As it turned out, the code I looked at was using logadd() fairly extensively, and thus these calls made a significant contribution to kernel runtime. The most expensive part of logadd() is the call to log1pf(), where log1pf()x) computes log(1+x). So I set out to construct a fast, yet accurate version of log1pf(). After some experimentation, I arrived at a useful result which I thought I would share. I am placing this under an OSI-approved two-clause BSD license which should be compatible with any project.

I am showing two variants of the code below. Both achieve a maximum ulp error of 0.88628 ulps compared to the mathematical result, which means they are faithfully rounded. This compares favorably with the CUDA 7.5 implementation which has a maximum ulp error of 1.72239.

The first variant, with FASTPATH == 0, produces extremely compact code that is branchless, except for the handling of exceptional cases. This variant is most suitable when the arguments to log1pf() span the entire input domain, with a mix of large and small inputs. In this case it can be up to 18% faster than the CUDA 7.5 implementation, as measured on an sm_50 GPU. However, if the vast majority of inputs are close to zero, this variant can be up to 17% *slower* than CUDA 7.5.

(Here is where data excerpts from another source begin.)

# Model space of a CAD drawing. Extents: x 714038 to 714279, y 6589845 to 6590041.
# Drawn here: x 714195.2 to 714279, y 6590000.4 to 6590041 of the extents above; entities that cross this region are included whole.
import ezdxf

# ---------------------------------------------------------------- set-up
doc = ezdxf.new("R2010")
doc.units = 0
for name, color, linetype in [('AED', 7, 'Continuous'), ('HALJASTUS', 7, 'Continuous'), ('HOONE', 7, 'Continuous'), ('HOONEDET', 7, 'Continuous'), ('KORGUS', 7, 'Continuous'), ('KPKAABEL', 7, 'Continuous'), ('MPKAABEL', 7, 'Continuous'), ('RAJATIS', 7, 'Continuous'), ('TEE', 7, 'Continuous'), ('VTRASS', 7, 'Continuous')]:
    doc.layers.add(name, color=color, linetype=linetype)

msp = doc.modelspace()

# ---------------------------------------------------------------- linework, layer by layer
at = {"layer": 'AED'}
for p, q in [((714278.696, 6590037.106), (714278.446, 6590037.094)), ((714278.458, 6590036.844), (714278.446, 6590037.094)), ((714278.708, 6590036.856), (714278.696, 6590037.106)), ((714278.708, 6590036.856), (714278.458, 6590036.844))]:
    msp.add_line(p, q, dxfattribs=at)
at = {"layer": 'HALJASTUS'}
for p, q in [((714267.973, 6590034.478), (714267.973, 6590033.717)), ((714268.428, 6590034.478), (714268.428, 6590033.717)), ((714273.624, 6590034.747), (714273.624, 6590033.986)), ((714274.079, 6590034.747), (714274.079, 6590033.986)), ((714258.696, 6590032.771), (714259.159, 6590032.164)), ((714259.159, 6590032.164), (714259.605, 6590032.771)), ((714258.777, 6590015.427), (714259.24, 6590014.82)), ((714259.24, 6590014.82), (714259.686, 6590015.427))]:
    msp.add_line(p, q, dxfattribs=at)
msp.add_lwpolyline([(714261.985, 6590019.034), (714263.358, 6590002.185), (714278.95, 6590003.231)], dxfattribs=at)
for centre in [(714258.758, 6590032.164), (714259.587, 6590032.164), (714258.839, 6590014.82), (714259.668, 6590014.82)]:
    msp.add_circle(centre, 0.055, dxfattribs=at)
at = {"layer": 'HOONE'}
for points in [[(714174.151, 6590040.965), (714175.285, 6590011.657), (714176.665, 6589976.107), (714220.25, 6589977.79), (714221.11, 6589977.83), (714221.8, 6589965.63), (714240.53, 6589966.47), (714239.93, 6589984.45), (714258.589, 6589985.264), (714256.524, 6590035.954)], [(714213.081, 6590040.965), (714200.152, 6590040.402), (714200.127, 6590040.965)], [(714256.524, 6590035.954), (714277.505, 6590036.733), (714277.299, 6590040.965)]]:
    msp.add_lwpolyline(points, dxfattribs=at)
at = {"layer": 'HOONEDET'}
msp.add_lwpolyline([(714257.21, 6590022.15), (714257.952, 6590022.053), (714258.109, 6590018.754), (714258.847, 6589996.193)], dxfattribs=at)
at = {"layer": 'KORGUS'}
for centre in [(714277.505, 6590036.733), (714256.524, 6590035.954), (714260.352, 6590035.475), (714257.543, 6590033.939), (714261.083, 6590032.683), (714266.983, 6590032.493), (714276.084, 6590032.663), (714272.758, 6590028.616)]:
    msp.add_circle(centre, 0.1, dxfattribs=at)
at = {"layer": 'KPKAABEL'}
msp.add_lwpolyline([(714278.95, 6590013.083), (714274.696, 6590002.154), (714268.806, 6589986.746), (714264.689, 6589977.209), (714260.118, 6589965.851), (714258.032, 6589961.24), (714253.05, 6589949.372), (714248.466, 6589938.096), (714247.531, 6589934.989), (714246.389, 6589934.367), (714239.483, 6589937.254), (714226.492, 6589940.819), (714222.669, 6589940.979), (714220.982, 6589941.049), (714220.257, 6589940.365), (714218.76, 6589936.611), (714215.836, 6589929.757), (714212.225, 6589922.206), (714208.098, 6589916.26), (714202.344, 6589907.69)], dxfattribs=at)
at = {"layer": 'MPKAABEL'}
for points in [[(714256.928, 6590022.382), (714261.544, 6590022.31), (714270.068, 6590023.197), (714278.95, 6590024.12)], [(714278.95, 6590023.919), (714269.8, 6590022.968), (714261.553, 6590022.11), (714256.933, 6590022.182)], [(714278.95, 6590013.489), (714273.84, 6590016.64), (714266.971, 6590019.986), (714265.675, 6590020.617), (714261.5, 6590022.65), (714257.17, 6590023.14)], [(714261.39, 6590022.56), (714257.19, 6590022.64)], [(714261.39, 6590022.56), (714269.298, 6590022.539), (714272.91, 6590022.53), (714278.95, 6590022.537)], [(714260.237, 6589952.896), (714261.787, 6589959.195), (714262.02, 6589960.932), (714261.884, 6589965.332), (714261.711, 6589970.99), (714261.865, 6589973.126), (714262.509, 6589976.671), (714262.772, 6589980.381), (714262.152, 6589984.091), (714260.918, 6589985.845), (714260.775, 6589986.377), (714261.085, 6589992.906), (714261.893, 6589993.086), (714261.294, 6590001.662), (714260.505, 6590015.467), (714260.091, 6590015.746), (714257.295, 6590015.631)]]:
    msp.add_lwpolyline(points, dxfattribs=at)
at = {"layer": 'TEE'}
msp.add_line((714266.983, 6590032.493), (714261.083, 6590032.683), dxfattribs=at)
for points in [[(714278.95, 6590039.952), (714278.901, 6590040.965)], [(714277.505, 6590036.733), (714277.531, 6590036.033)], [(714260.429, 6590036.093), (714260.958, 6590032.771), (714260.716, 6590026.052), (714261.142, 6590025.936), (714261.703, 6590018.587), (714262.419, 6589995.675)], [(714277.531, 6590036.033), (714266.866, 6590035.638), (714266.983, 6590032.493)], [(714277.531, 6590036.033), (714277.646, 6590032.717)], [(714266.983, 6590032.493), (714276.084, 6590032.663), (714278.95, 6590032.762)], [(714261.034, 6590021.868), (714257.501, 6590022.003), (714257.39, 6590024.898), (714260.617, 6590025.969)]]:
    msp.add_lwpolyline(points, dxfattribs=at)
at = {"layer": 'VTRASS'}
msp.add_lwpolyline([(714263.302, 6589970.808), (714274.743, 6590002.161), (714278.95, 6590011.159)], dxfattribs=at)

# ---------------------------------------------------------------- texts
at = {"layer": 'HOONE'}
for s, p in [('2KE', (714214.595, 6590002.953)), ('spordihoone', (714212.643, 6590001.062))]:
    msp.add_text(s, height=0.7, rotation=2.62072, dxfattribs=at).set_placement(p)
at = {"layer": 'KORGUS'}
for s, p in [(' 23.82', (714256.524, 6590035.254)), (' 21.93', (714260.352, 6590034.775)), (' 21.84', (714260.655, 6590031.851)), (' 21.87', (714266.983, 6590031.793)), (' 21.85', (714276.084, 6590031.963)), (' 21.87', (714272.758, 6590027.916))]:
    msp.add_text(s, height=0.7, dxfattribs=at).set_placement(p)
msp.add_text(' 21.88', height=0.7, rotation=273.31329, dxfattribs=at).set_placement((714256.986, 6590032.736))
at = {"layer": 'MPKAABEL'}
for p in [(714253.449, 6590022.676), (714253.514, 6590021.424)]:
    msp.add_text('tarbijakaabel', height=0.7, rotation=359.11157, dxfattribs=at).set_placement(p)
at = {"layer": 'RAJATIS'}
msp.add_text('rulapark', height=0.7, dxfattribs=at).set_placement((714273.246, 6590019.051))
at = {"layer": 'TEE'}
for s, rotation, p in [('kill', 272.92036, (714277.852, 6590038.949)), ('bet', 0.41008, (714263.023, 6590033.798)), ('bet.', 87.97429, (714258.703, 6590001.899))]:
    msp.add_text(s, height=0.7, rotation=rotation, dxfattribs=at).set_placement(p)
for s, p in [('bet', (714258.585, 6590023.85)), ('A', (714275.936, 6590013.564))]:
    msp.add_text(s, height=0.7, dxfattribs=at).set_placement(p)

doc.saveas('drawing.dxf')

The second variant, with FASTPATH == 1, adds a simple fast path for arguments close to zero. This is the same general code structure used by CUDA’s current log1pf() implementation. Due to the different kind of approximation used, and the tighter accuracy requirements, the fast path in my code applies to a somewhat narrower interval, [0.3046875, 0.609375], compared to the CUDA implementation, whose fast path covers the interval [-0.394, 0.65]. According to my tests, this variant is about 10% faster than log1pf() from CUDA 7.5 for various mixes of inputs, including when all inputs are very close to zero. This was measured on an sm_50 GPU in default mode. In FTZ mode (no denormal support), the performance advantage shrinks, but was still above 4% during testing.

[code below updated 12/13/2015 and again updated 12/26/2015]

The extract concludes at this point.